After lunch, Bobby tried to persuade Fawkes to go on the Tsunami, but Fawkes insisted that they needed a nice relaxing float on the "Snail River" to digest their food. The river was a wide, slow-moving stream of water on which older patrons and families with small children floated on inner tubes. Fawkes sprawled in his tube, arms and legs sticking out in all directions and looking like half a lazy octopus.

Bobby steered his tube over to Fawkes's and poked him in the chest.

"Ex _cuse_ me," Fawkes said, not bothering to move.

"You're turning red, there."

Fawkes shot a look at his wrist, then relaxed again. "No, I'm good."

"I mean you're getting sunburned, Mr. Look at My Abs."

"That's _Agent_ Look at My Abs to you, pal," Fawkes grumbled.

"Hey, you want to get all peely, that's up to you." Bobby leaned back in his tube. "So are we doing something fun next, or what?"

*****

"Next" turned out to be the Shamu show, then the H2OK Corral. So it was the Family Fun Area. They were family, right? Unfortunately, that argument didn't work very well on the attendant who came to kick them out after Bobby saw a water gun out of the corner of his eye and instinctively yelled "Get down!", shoving the two kids nearest him to the ground.

"I was just being alert to my surroundings," he grumbled to Fawkes after they were back on the sidewalk and out of the earshot of the attendant. He was about to say more when he spotted Fawkes turning his right wrist over again. "It's green," he said softly. Fawkes froze, then shifted his eyes as though he'd been looking anywhere but at his tattoo.

Bobby reached across Fawkes and grabbed his wrist. "You keep looking at that thing. It's green. And it's gonna stay that way."

"Yeah, well, you don't know that."

"Gotta have faith, my friend," Bobby replied in a low voice. He relaxed his grip on Fawkes's arm, but didn't let go.

"I'm trying. It's not something I'm good at."

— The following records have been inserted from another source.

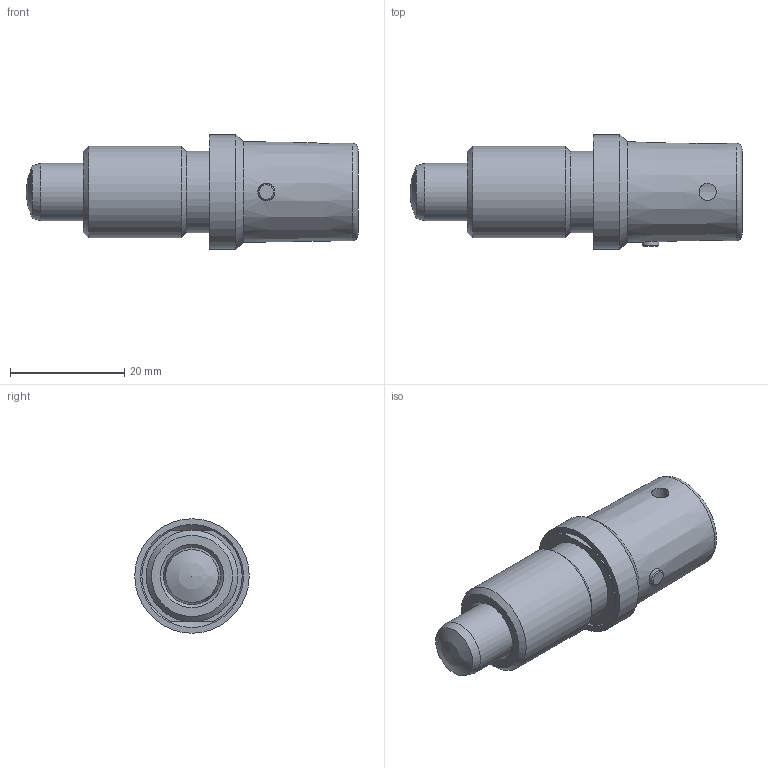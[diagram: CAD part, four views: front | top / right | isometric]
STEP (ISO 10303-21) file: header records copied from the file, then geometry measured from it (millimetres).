
FILE_DESCRIPTION( ( 'STEP AP203' ), '1' );
FILE_NAME( 'C:/Temp/Ganter_Step_05_03_2020/data/3_1/gn816/gn_816_b/Locking plunger GN 816-10-M16x1,5-B (deactivated).stp', '2020-03-12T08:55:58', ( 'License CC BY-ND 4.0' ), ( 'CADENAS' ), ' ', 'PARTsolutions', ' ' );
FILE_SCHEMA( ( 'CONFIG_CONTROL_DESIGN' ) );
Length unit declared in the file: millimetre
Products named in the file (3): Locking plunger GN 816-10-M16x1,5-B (deactivated); _GN 816-10-M16x1,5-B(0)-b2; _GN 816-10-M16x1,5-Bb1
Assembly tree (2 placements, depth 2):
  Locking plunger GN 816-10-M16x1,5-B (deactivated)
    _GN 816-10-M16x1,5-B(0)-b2
    _GN 816-10-M16x1,5-Bb1
Bounding box: 58 x 20 x 20 mm (x, y, z)
Volume: 9543.4 mm3; surface area: 6534.1 mm2
Topology: 2 solids, 2 shells, 40 faces, 79 edges, 49 vertices
Faces by surface type: cylinder 14, plane 12, cone 11, torus 2, sphere 1
Full cylindrical faces by diameter (mm): 2.9 x2, 3 x2, 7 x1, 10 x2, 11.1 x1, 14.2 x1, 16 x1, 18 x1, 20 x1
Entity records: 1288 total; most frequent: CARTESIAN_POINT 462, DIRECTION 160, ORIENTED_EDGE 96, EDGE_LOOP 78, AXIS2_PLACEMENT_3D 77, FACE_OUTER_BOUND 54, EDGE_CURVE 48, VERTEX_POINT 45

"Well, that's what you've got me for. Now come on. I won the water gun fight, so I get to pick what we do next. And I say we go on one of the _good_ rides."

Fawkes looked like he might protest the "winning" part, but finally nodded. "What did you have in mind?"

"Remember that one we went on last time, that's like 100 feet straight down?"

Fawkes grinned. "Gotta admit, that was pretty awesome."

"I know it was, you went see-through so hard I could look all the way to the next county. So let's go."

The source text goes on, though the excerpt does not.